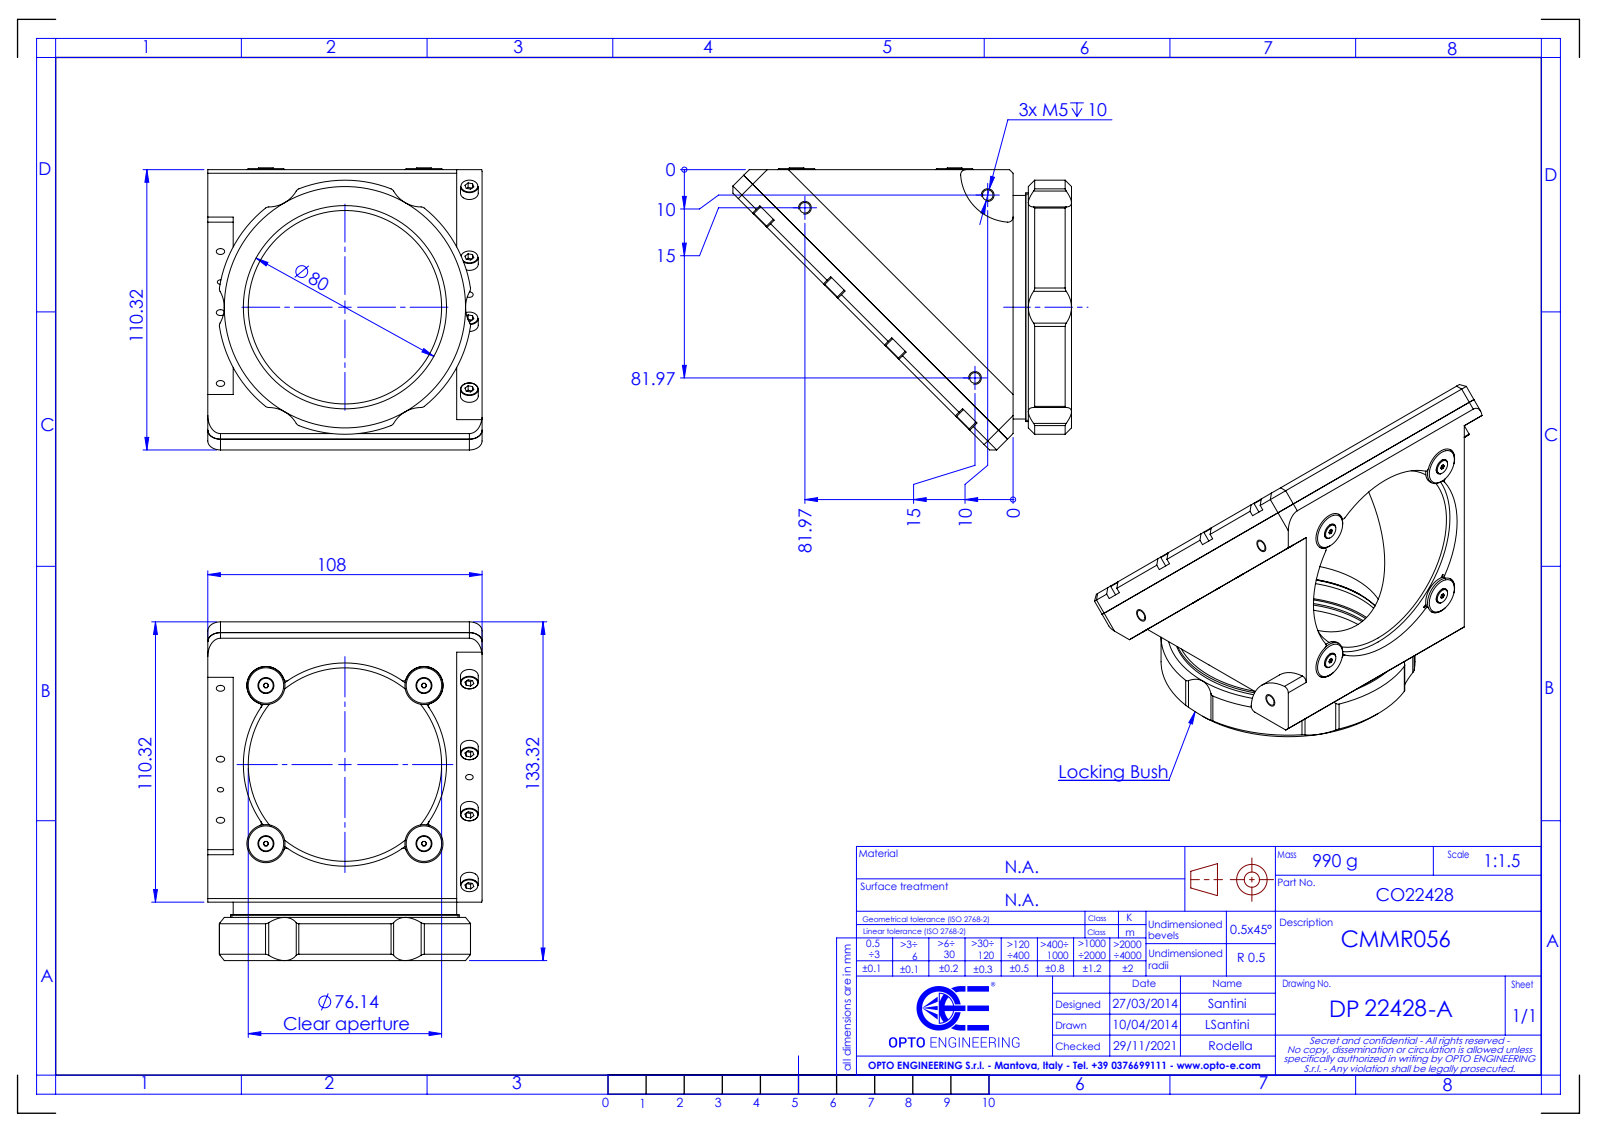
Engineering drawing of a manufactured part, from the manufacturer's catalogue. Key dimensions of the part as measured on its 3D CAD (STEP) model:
Part name (STEP PRODUCT): DP22428-A_CMMR056
STEP written by: SolidWorks 2021 (CONFIG_CONTROL_DESIGN)
Units: millimetres
Bodies: 0 solids, 369 faces (146 planar, 145 cylindrical, 78 other)
Overall size (bounding box): 133.32 × 111.04 × 108
Round holes (diameter × count): ⌀3.3 ×8, ⌀4.2 ×3, ⌀3 ×2, ⌀76.14 ×2, ⌀80 ×2, ⌀2.5 ×1, ⌀80.6 ×1, ⌀82.2 ×1, ⌀84 ×1, ⌀88 ×1
Round bosses / shafts (diameter × count): ⌀7 ×8, ⌀15 ×4, ⌀5.75 ×4, ⌀90 ×1
Partial cylindrical surfaces — rounded edges, fillets, slot ends (radius × count): R2 ×14, R1 ×8, R12.5 ×6, R4 ×4, R5 ×4, R20 ×1, R50 ×1
Main face-to-face distances: 8, 10, 98, 88, 7, 15, 23, 108, 14, 22
Hole centre spacings: 98, 17, 39.44, 56.44, 73.44, 99.46, 105.64, 113.09

______

**ABOUT THIS TASK**
Leave the pictures out and write out every entry exactly as given.

**WRITTEN SOLUTION**
Engineering drawing of a manufactured part, from the manufacturer's catalogue. Key dimensions of the part as measured on its 3D CAD (STEP) model:
Part name (STEP PRODUCT): DP22428-A_CMMR056
STEP written by: SolidWorks 2021 (CONFIG_CONTROL_DESIGN)
Units: millimetres
Bodies: 0 solids, 369 faces (146 planar, 145 cylindrical, 78 other)
Overall size (bounding box): 133.32 × 111.04 × 108
Round holes (diameter × count): ⌀3.3 ×8, ⌀4.2 ×3, ⌀3 ×2, ⌀76.14 ×2, ⌀80 ×2, ⌀2.5 ×1, ⌀80.6 ×1, ⌀82.2 ×1, ⌀84 ×1, ⌀88 ×1
Round bosses / shafts (diameter × count): ⌀7 ×8, ⌀15 ×4, ⌀5.75 ×4, ⌀90 ×1
Partial cylindrical surfaces — rounded edges, fillets, slot ends (radius × count): R2 ×14, R1 ×8, R12.5 ×6, R4 ×4, R5 ×4, R20 ×1, R50 ×1
Main face-to-face distances: 8, 10, 98, 88, 7, 15, 23, 108, 14, 22
Hole centre spacings: 98, 17, 39.44, 56.44, 73.44, 99.46, 105.64, 113.09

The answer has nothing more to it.